Um Ahmad, Al-Midan
Source: League for Citizenship, “Syrian Mother” 2017

 

 

 

 

I am still waiting for the happy ending for my daughter and for many more like her to return to their mother’s laps.

They did nothing wrong; they were detained just because they demanded what we have always dreamed of: free Syria and free Syrian people.

 

 

 

 

I am called Um Ahmad though I do not have a son named Ahmad. God has not blessed me with boys. However, I have two girls who are worth a hundred boys. My older daughter joined a nursing school and refused to wear Hijab. Before her father passed away, he used to joke with her that this is disgrace and she should put cover her head, and she would answer: “it is disgrace when someone does something shameful, father”. Her dad was open-minded unlike his siblings who boycotted us because our daughters did not wear Hijab.

When the revolution started, my daughter changed. She started going out, dressed up with full makeup.

I thought she was in love so I did not interfere. She started spending more time in her room whispering with her sister about things I did not understand. When going out, she would carry a pouch instead of a bag, and new friends from Sweida and the coastal region started visiting them.

The protests reached our neighborhood and I did not prevent them from participating because freedom is expensive and the repression that we’ve been living in for the past 40 years has to end. What did those kids in Daraa do? What is the guilt of those young men and women who are dying or being detained?

One day, I asked my daughters what was happening and the older one told me they were buying medicine and smuggling it to the protestors. The make-up was to facilitate crossing the checkpoints because soldiers do not suspect a made-up girl.

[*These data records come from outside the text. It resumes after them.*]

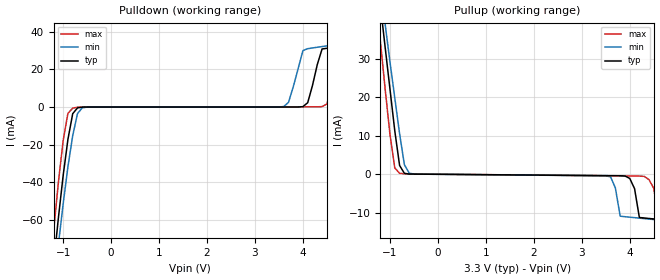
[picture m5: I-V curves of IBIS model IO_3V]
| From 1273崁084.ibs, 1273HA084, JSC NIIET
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[Model]   IO_3V
Model_type I/O
Polarity   Non-Inverting
Vinl =   0.80V
Vinh =   2.10V
C_comp   1.984800pF   1.899400pF   2.077500pF
[Temperature Range]   25   -60   85
[Voltage Range]   3.30V   3.00V   3.60V
[Pullup Reference]   3.30V   3.00V   3.60V
[Pulldown Reference]   0.00V   0.00V   0.00V
[POWER Clamp Reference]   3.30V   3.00V   3.60V
[GND Clamp Reference]   0.00V   0.00V   0.00V
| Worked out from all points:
|   slope of the pullup table from 0 to 0.495 V, typ, clamps not added: 10.1 kohm
[Pullup]
| Voltage   I(typ)   I(min)   I(max)
-3.6V     465.9mA    414.5mA    536.2mA
-1.3V     55.65mA    61.19mA    46.98mA
-1.2V     43.92mA    49.53mA    34.48mA
-1.1V     32.9mA     38.91mA    22.06mA
-900mV    11.28mA    19.85mA    1.659mA
-800mV    2.301mA    10.57mA    261.1uA
-600mV    65.76uA    305.8uA    99.39uA
3.5V      -348.4uA   -385.5uA   -380.2uA
3.9V      -434uA     -11.02mA   -428.4uA
4.3V      -11.35mA   -11.52mA   -535.2uA
4.6V      -11.73mA   -11.88mA   -11.35mA
7.2V      -15.16mA   -15.16mA   -14.57mA
[Pulldown]
| Voltage   I(typ)   I(min)   I(max)
-3.6V     -895.1mA   -825.2mA   -997.8mA
-1.2V     -84.12mA   -96.75mA   -66.66mA
-1.1V     -59.42mA   -73.61mA   -40.48mA
-1V       -36.65mA   -51.78mA   -18mA
-800mV    -3.542mA   -15.23mA   -615.6uA
-700mV    -476.8uA   -3.475mA   -65.98uA
-500mV    -5.225uA   -41.23uA   -9.554uA
3.6V      2.574uA    256.9uA    76.9uA
4V        204uA      30.03mA    86.62uA
4.4V      30.91mA    32.2mA     220.6uA
4.8V      32.37mA    33.67mA    27.29mA
7.2V      41.34mA    42.28mA    34.59mA
[Ramp]
| variable   typ   min   max
dV/dt_r   1.1447/1.0797n   0.8477/2.2066n   1.3962/0.5592n
dV/dt_f   1.1301/1.6088n   0.6820/2.6083n   1.4669/0.8614n
R_load = 1500ohms
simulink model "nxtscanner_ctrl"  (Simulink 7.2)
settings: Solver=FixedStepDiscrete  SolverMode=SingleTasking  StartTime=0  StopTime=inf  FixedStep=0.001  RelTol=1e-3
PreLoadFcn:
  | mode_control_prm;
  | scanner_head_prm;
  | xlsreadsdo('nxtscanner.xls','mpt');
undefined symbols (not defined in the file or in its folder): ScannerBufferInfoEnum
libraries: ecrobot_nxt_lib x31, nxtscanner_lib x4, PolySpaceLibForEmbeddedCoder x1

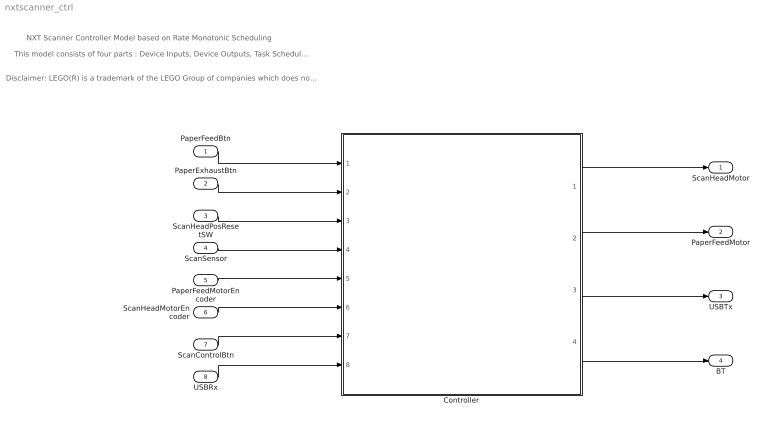
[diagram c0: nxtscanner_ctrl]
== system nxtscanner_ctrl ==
  note: Disclaimer: LEGO(R) is a trademark of the LEGO Group of companies which does not sponsor, authorize or endorse this demo. LEGO(R) and Mindstorms(R) are registered trademarks of The LEGO Group.
  note: NXT Scanner Controller Model based on Rate Monotonic Scheduling
  note: This model consists of four parts : Device Inputs, Device Outputs, Task Scheduler, and Application Task Subsystems.
  PaperFeedBtn : Inport  OutDataType=sfix(16)  OutScaling=2^0
  PaperExhaustBtn : Inport  Port=2  OutDataType=sfix(16)  OutScaling=2^0
  ScanHeadPosResetSW : Inport  Port=3  OutDataType=sfix(16)  OutScaling=2^0
  ScanSensor : Inport  Port=4  OutDataType=sfix(16)  OutScaling=2^0
  PaperFeedMotorEncoder : Inport  Port=5  OutDataType=sfix(16)  OutScaling=2^0
  ScanHeadMotorEncoder : Inport  Port=6  OutDataType=sfix(16)  OutScaling=2^0
  ScanControlBtn : Inport  Port=7  OutDataType=sfix(16)  OutScaling=2^0
  USBRx : Inport  Port=8  OutDataType=sfix(16)  OutScaling=2^0
  Controller : Subsystem
  ScanHeadMotor : Outport  OutDataType=sfix(16)  OutScaling=2^0
  PaperFeedMotor : Outport  Port=2  OutDataType=sfix(16)  OutScaling=2^0
  USBTx : Outport  Port=3  OutDataType=sfix(16)  OutScaling=2^0
  BT : Outport  Port=4  OutDataType=sfix(16)  OutScaling=2^0
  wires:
  Controller/1(ScanHeadMotor) -> ScanHeadMotor/1
  Controller/2(PaperFeedMotor) -> PaperFeedMotor/1
  Controller/3(USBTx) -> USBTx/1
  PaperFeedBtn/1 -> Controller/1(PaperFeedBtn)
  PaperExhaustBtn/1 -> Controller/2(PaperExhaustBtn)
  ScanHeadPosResetSW/1 -> Controller/3(ScanHeadPosResetSW)
  ScanSensor/1 -> Controller/4(ScanSensor)
  PaperFeedMotorEncoder/1 -> Controller/5(PaperFeedMotorEncoder)
  ScanHeadMotorEncoder/1 -> Controller/6(ScanHeadMotorEncoder)
  ScanControlBtn/1 -> Controller/7(ScanControlBtn)
  USBRx/1 -> Controller/8(USBRx)
  Controller/4(BT) -> BT/1

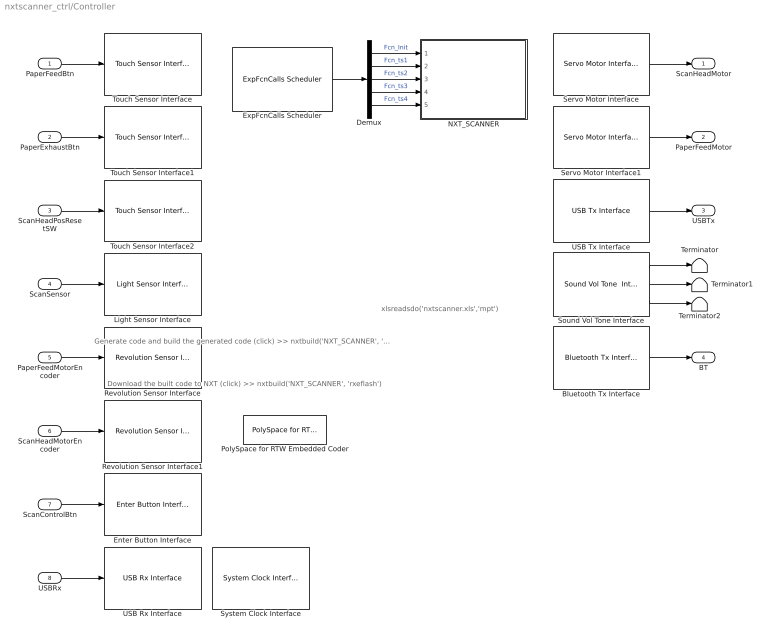
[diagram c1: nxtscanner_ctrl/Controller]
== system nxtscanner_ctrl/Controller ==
  note: Generate code and build the generated code (click) >> nxtbuild('NXT_SCANNER', 'build')
  note: Download the built code to NXT (click) >> nxtbuild('NXT_SCANNER', 'rxeflash')
  note: xlsreadsdo('nxtscanner.xls','mpt')
  PaperFeedBtn : Inport
  PaperExhaustBtn : Inport  Port=2
  ScanHeadPosResetSW : Inport  Port=3
  ScanSensor : Inport  Port=4
  PaperFeedMotorEncoder : Inport  Port=5
  ScanHeadMotorEncoder : Inport  Port=6
  ScanControlBtn : Inport  Port=7
  USBRx : Inport  Port=8
  Bluetooth Tx Interface : ecrobot_nxt_lib/Bluetooth Tx Interface  SystemSampleTime=-1
  Demux : Demux  Outputs=5
  Enter Button Interface : ecrobot_nxt_lib/Enter Button Interface  Priority=-1  SystemSampleTime=-1
  ExpFcnCalls Scheduler : ecrobot_nxt_lib/ExpFcnCalls Scheduler  Priority=0  fcname='Fcn_Init', 'Fcn_ts1', 'Fcn_ts2', 'Fcn_ts3', 'Fcn_ts4'  fctrigger=[0 2 10 20 60]  ts=0.001  platform=JSP  stacksize=[512 512 512 512 512]  bd_mode=Slave
  Light Sensor Interface : ecrobot_nxt_lib/Light Sensor Interface  Priority=-1  SystemSampleTime=-1  ip=S4
  NXT_SCANNER : Subsystem
  PolySpace for RTW Embedded Coder : PolySpaceLibForEmbeddedCoder/PolySpace for RTW Embedded Coder  Description=PolySpace for RTW\nEmbedded Coder  SystemSampleTime=-1
  Revolution Sensor Interface : ecrobot_nxt_lib/Revolution Sensor Interface  Priority=-1  SystemSampleTime=-1  ip=B
  Revolution Sensor Interface1 : ecrobot_nxt_lib/Revolution Sensor Interface  Priority=-1  SystemSampleTime=-1  ip=C
  Servo Motor Interface : ecrobot_nxt_lib/Servo Motor Interface  Priority=1  SystemSampleTime=-1  ip=B  mode=Brake
  Servo Motor Interface1 : ecrobot_nxt_lib/Servo Motor Interface  Priority=1  SystemSampleTime=-1  ip=C  mode=Brake
  Sound Vol Tone Interface : ecrobot_nxt_lib/Sound Vol Tone  Interface  Priority=1  SystemSampleTime=-1
  System Clock Interface : ecrobot_nxt_lib/System Clock Interface  Priority=-1  SystemSampleTime=-1
  Terminator : Terminator
  Terminator1 : Terminator
  Terminator2 : Terminator
  Touch Sensor Interface : ecrobot_nxt_lib/Touch Sensor Interface  Priority=-1  SystemSampleTime=-1  ip=S1
  Touch Sensor Interface1 : ecrobot_nxt_lib/Touch Sensor Interface  Priority=-1  SystemSampleTime=-1  ip=S2
  Touch Sensor Interface2 : ecrobot_nxt_lib/Touch Sensor Interface  Priority=-1  SystemSampleTime=-1  ip=S3
  USB Rx Interface : ecrobot_nxt_lib/USB Rx Interface  Priority=-1  SystemSampleTime=-1
  USB Tx Interface : ecrobot_nxt_lib/USB Tx Interface  Priority=1  SystemSampleTime=-1
  ScanHeadMotor : Outport
  PaperFeedMotor : Outport  Port=2
  USBTx : Outport  Port=3
  BT : Outport  Port=4
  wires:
  ExpFcnCalls Scheduler/1 -> Demux/1
  Demux/1 -> NXT_SCANNER/1(In1)  "Fcn_Init"
  Demux/2 -> NXT_SCANNER/2(In2)  "Fcn_ts1"
  Demux/3 -> NXT_SCANNER/3(In3)  "Fcn_ts2"
  Servo Motor Interface/1 -> ScanHeadMotor/1
  PaperFeedBtn/1 -> Touch Sensor Interface/1
  Servo Motor Interface1/1 -> PaperFeedMotor/1
  PaperExhaustBtn/1 -> Touch Sensor Interface1/1
  ScanHeadPosResetSW/1 -> Touch Sensor Interface2/1
  USB Tx Interface/1 -> USBTx/1
  ScanSensor/1 -> Light Sensor Interface/1
  PaperFeedMotorEncoder/1 -> Revolution Sensor Interface/1
  ScanHeadMotorEncoder/1 -> Revolution Sensor Interface1/1
  ScanControlBtn/1 -> Enter Button Interface/1
  USBRx/1 -> USB Rx Interface/1
  Sound Vol Tone Interface/1 -> Terminator/1
  Sound Vol Tone Interface/2 -> Terminator1/1
  Sound Vol Tone Interface/3 -> Terminator2/1
  Bluetooth Tx Interface/1 -> BT/1
  Demux/4 -> NXT_SCANNER/4(In4)  "Fcn_ts3"
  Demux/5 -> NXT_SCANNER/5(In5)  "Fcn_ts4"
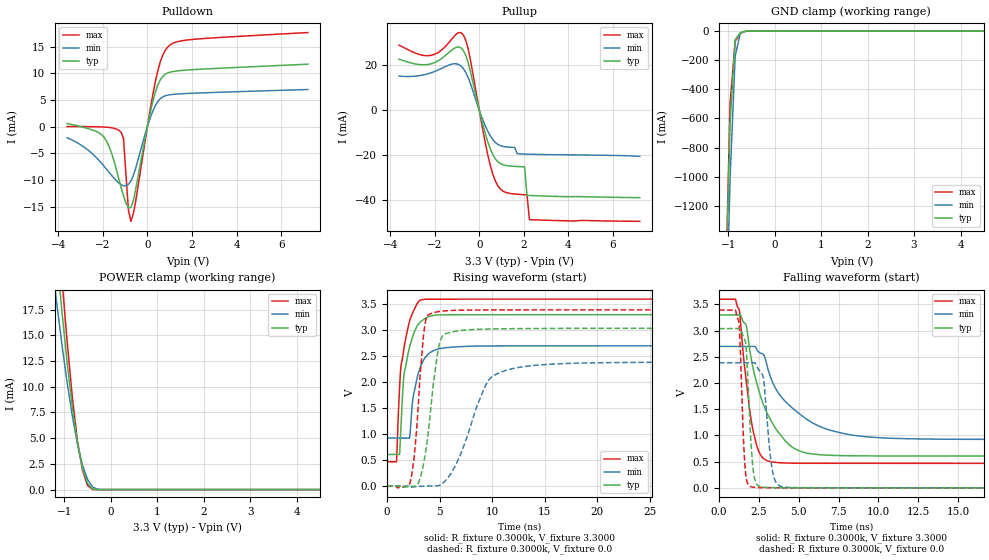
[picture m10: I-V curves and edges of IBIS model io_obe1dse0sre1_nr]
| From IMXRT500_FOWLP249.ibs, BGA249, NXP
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[Model] io_obe1dse0sre1_nr
|   Model io_obe1dse0sre1_nr
| Library cells for typ/min/max conditions are connected as defined below:
|  pad - External Pad
|  ipp_do - Core Input
|  ipp_obe - Output Buffer Enable
|  REFH3V3 - vdd1v8
|  REFL3V3 - REFL3V3
|  gnde - gnde
|  ipp_ina235_3v - NC
|  ipp_ina40_3v - NC
|  ipp_ina_mux - NC
|  ipp_ind - NC
|  ipp_ind_1p8v - NC
|  ipp_ind_3v - NC
|  ipp_sre - vdd
|  vdd - vdd
|  vdd1v8 - vdd1v8
|  vdda - vdde3v3
|  vdde3v3 - vdde3v3
| All other pins connected to ground
Model_type I/O
Polarity   Non-Inverting
Enable   Active-High
Vinl =   0.9900V
Vinh =   2.3100V
Vmeas =  1.6500V
Cref =   25.0000pF
Rref =   0.5000k
Vref =   0.0V
C_comp   1.8910pF   1.8218pF   2.0891pF
[Temperature Range]   25.0000   0.1250k   -40.0000
[Voltage Range]   3.3000V   2.7000V   3.6000V
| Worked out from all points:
|   slope of the pulldown table from 0 to 0.495 V, typ, clamps not added: 61.4 ohm
|   slope of the pullup table from 0 to 0.495 V, typ, clamps not added: 28.7 ohm
|   GND clamp passes 1 mA (typ) near -0.55 V on its own axis
|   POWER clamp passes 1 mA (typ) near -0.53 V on its own axis
|   rising waveform, R_fixture 0.3000k, V_fixture 3.3000: 20-80 % time 945ps typ, 994ps min, 889ps max; typ from 0.608 V to 3.3 V
|   rising waveform, R_fixture 0.3000k, V_fixture 0.0: 20-80 % time 1.08ns typ, 2.6ns min, 748ps max; typ from 0 V to 3.04 V
|   falling waveform, R_fixture 0.3000k, V_fixture 3.3000: 20-80 % time 1.66ns typ, 2.65ns min, 742ps max; typ from 3.3 V to 0.608 V
|   falling waveform, R_fixture 0.3000k, V_fixture 0.0: 20-80 % time 313ps typ, 419ps min, 248ps max; typ from 3.04 V to 0 V
[Pulldown]
|Voltage   I(typ)   I(min)   I(max)
-3.6V     580uA      -2.07mA    30uA
-1.95V    -1.94mA    -7.35mA    -60uA
-1.62V    -4.76mA    -9.02mA    -180uA
-1.18V    -11.35mA   -10.84mA   -1.013mA
-1.07V    -12.94mA   -11.04mA   -2.193mA
-850mV    -15.13mA   -10.79mA   -15.56mA
-740mV    -15.14mA   -10.18mA   -17.69mA
-520mV    -11.65mA   -7.709mA   -13.83mA
360mV     6.495mA    3.971mA    8.469mA
580mV     8.787mA    5.251mA    12.13mA
910mV     10.06mA    5.911mA    14.9mA
7.2V      11.7mA     6.966mA    17.62mA
[Pullup]
|Voltage   I(typ)   I(min)   I(max)
-3.6V     22.77mA    15.22mA    29.02mA
-2.15V    20.76mA    16.76mA    24.51mA
-1.05V    28mA       20.75mA    33.76mA
-720mV    26.73mA    18.68mA    33.68mA
-500mV    21.29mA    14.62mA    27.43mA
160mV     -6.397mA   -4.301mA   -8.846mA
600mV     -19.59mA   -12.99mA   -28.27mA
1.04V     -24.21mA   -16.05mA   -35.92mA
2.03V     -25.25mA   -19.52mA   -37.65mA
2.14V     -37.93mA   -19.55mA   -37.71mA
2.25V     -37.98mA   -19.58mA   -48.76mA
7.2V      -38.97mA   -20.58mA   -49.5mA
[GND_clamp]
|Voltage   I(typ)   I(min)   I(max)
-3.6V     -46.64A    -46.27A    -48.09A
-1.07V    -2.038A    -2.424A    -1.965A
-960mV    -629.9mA   -1.012A    -499.2mA
-850mV    -61.62mA   -174.1mA   -72.03mA
-740mV    -13.6mA    -15.68mA   -16.3mA
-630mV    -2.659mA   -3.244mA   -3.911mA
-410mV    -9.214uA   -49.17uA   -3.123uA
7.2V      0A         0A         0A
[POWER_clamp]
|Voltage   I(typ)   I(min)   I(max)
-3.6V     124.7mA    103.4mA    137.3mA
-1.27V    28.14mA    22.17mA    33.67mA
-1.16V    22.5mA     17.97mA    26.85mA
-1.05V    17.19mA    14.01mA    20.36mA
-940mV    12.34mA    10.39mA    14.37mA
-830mV    8.067mA    7.189mA    9.044mA
-720mV    4.554mA    4.475mA    4.783mA
-610mV    2.051mA    2.374mA    1.895mA
-500mV    596.8uA    974uA      390.7uA
-390mV    63.25uA    246uA      14.24uA
-170mV    55.4nA     1.772uA    16.57nA
7.2V      0A         0A         0A
[Ramp]
| variable   typ   min   max
dV/dt_r  0.7575/1.5657n   0.5823/5.4982n   1.1236/1.2689n
dV/dt_f  0.3253/1.8692n   0.1897/2.4816n   0.4971/1.0882n
R_load = 50.0000
[Rising Waveform]
R_fixture= 0.3000k
V_fixture= 3.3000
V_fixture_min= 2.7000
V_fixture_max= 3.6000
|time   V(typ)   V(min)   V(max)
0s        607.6mV    923.7mV    467.4mV
903.4ps   607.6mV    923.7mV    472.6mV
1.192ns   615.1mV    923.7mV    1.886V
1.324ns   1.175V     923.7mV    2.303V
1.595ns   2.1V       923.7mV    2.633V
2.137ns   2.669V     921.5mV    3.168V
2.52ns    2.923V     1.749V     3.371V
3.614ns   3.224V     2.468V     3.596V
11.04ns   3.3V       2.699V     3.6V
500ns     3.3V       2.7V       3.6V
[Rising Waveform]
R_fixture= 0.3000k
V_fixture= 0.0
V_fixture_min= 0.0
V_fixture_max= 0.0
|time   V(typ)   V(min)   V(max)
0s        91.73nV    1.941uV    241.1nV
2.141ns   -11.02mV   -4.771mV   34.46mV
2.56ns    -7.058mV   -17.07mV   519.9mV
2.998ns   65.38mV    -8.387mV   1.63V
3.763ns   780.5mV    -2.629mV   3.246V
4.978ns   2.727V     9.772mV    3.363V
6.399ns   2.977V     350.7mV    3.384V
9.991ns   3.026V     2.109V     3.392V
19.31ns   3.037V     2.371V     3.394V
500ns     3.038V     2.386V     3.394V
[Falling Waveform]
R_fixture= 0.3000k
V_fixture= 3.3000
V_fixture_min= 2.7000
V_fixture_max= 3.6000
|time   V(typ)   V(min)   V(max)
0s        3.3V       2.7V       3.6V
1.27ns    3.299V     2.7V       3.399V
1.71ns    3.101V     2.7V       2.048V
1.922ns   2.658V     2.7V       1.499V
2.492ns   1.869V     2.592V     701.6mV
3.327ns   1.25V      2.041V     494.8mV
4.462ns   808.6mV    1.562V     471.9mV
7.941ns   613.5mV    1.03V      467.4mV
15.37ns   607.7mV    926.3mV    467.4mV
500ns     607.6mV    923.7mV    467.4mV
[Falling Waveform]
R_fixture= 0.3000k
V_fixture= 0.0
V_fixture_min= 0.0
V_fixture_max= 0.0
|time   V(typ)   V(min)   V(max)
0s        3.038V     2.386V     3.394V
1.25ns    3.038V     2.386V     3.162V
1.655ns   2.802V     2.386V     330.3mV
2.136ns   378.9mV    2.386V     12.11mV
2.641ns   19.04mV    2.198V     3.628mV
2.796ns   12.36mV    2.082V     2.741mV
3.173ns   6.031mV    747.3mV    1.45mV
3.449ns   4.199mV    202.6mV    934.2uV
4.951ns   998uV      5.169mV    103uV
500ns     1.151uV    3.186uV    894.9nV

We laughed so much that day but fear started eating me from the inside.

The following day, the younger daughter returned home late with a lawyer and told me that her sister had been arrested from work. The lawyer tried to reassure me but a mother’s heart can never be reassured. Now, she has been in detention for three years. I visited all security branches and paid many bribes but in vain. My husband’s family started pressuring him to wed the younger daughter. They said this is to avoid her being disgraced like her sister. I told them prison is not disgrace. My daughter will come out of prison feeling proud.

I’m still waiting for the happy ending for my daughter and for many more like her to return to their mother’s laps. They did nothing wrong! They were detained just because they demanded what we have always dreamed of: free Syria and free Syrian people.

Soon, when the war ends, we will go back and build our country all together; Sunni, Druze, Christian, Alawi and Kurdish. We are all Syrians and it our duty to protect Syria and reconstruct it.